= Work to complete =
Reproduce verbatim all of the data given below, but do not carry over the images.

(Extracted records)

------------------------------------------------

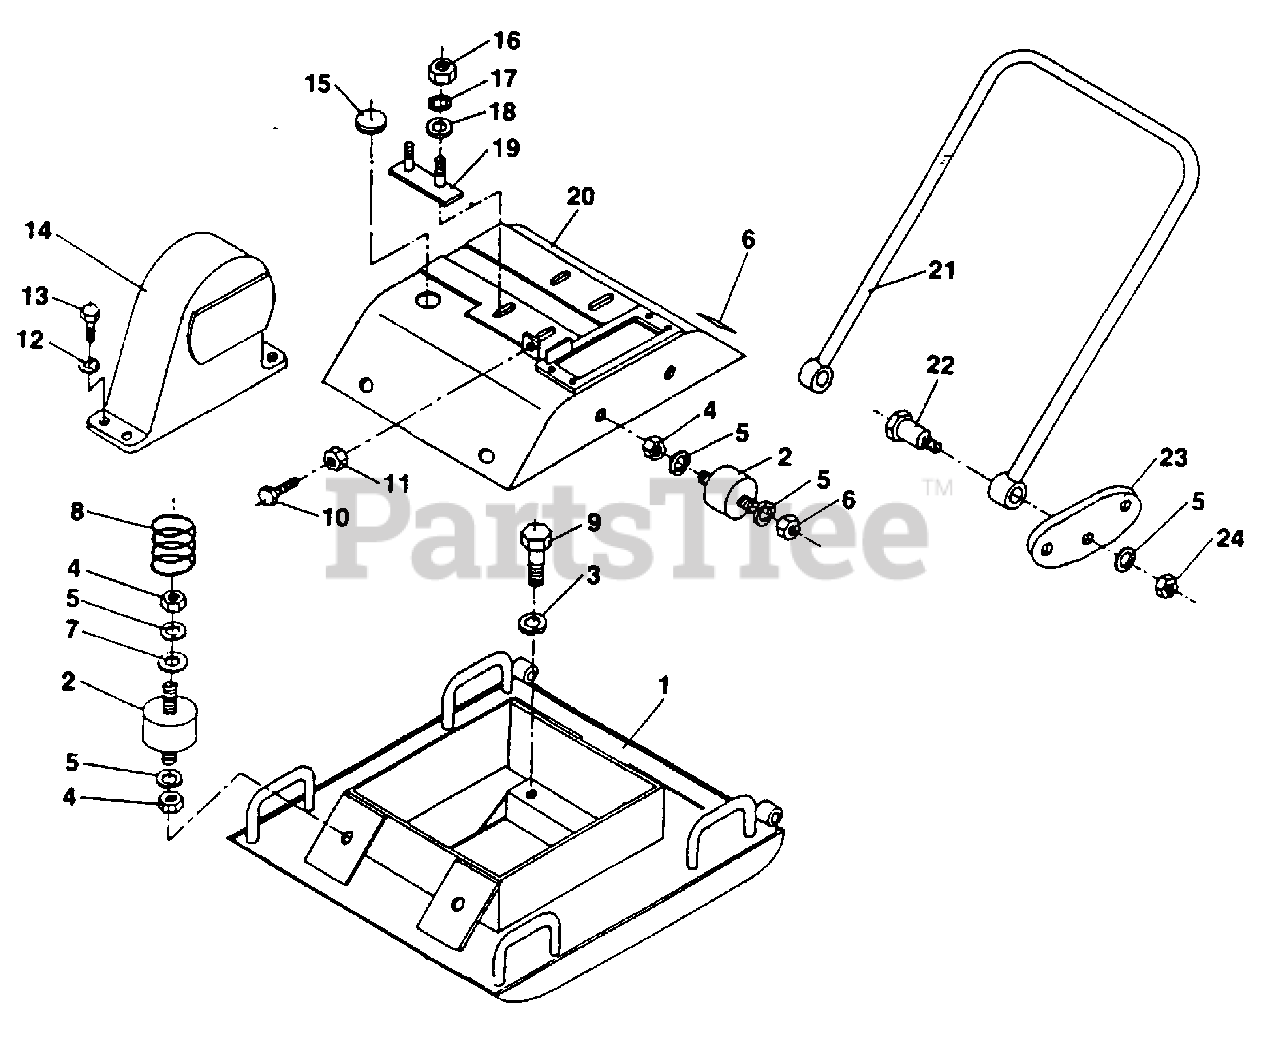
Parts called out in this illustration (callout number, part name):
1	PLATE- Vibration
2	ABSORBER- Shock (m8)
3	WASHER- Spring (m16)
4	NUT- Hex (m12)
5	WASHER- Spring (m12)
6	DECAL- Caution
7	WASHER- Plate (m12)
8	SPRING- Earth
9	BOLT- (m16 x 65)
10	BOLT- Hex (m1O x 45)
11	NUT- Hex (m1O)
12	WASHER- Spring (m1O)
13	BOLT- Hex (m10 x 25)
14	COVER- Belt
16	NUT- Hex (m8)
17	WASHER- Spring (m8)
18	WASHER- Plate (m8)
19	SEAT- Engine
20	COVER-Vibration Plate
22	PIN- Bracket
23	BRACKET- Handle
24	NUT- Hex (m12)

------------------------------------------------

= Answer space =
Parts called out in this illustration (callout number, part name):
1	PLATE- Vibration
2	ABSORBER- Shock (m8)
3	WASHER- Spring (m16)
4	NUT- Hex (m12)
5	WASHER- Spring (m12)
6	DECAL- Caution
7	WASHER- Plate (m12)
8	SPRING- Earth
9	BOLT- (m16 x 65)
10	BOLT- Hex (m1O x 45)
11	NUT- Hex (m1O)
12	WASHER- Spring (m1O)
13	BOLT- Hex (m10 x 25)
14	COVER- Belt
16	NUT- Hex (m8)
17	WASHER- Spring (m8)
18	WASHER- Plate (m8)
19	SEAT- Engine
20	COVER-Vibration Plate
22	PIN- Bracket
23	BRACKET- Handle
24	NUT- Hex (m12)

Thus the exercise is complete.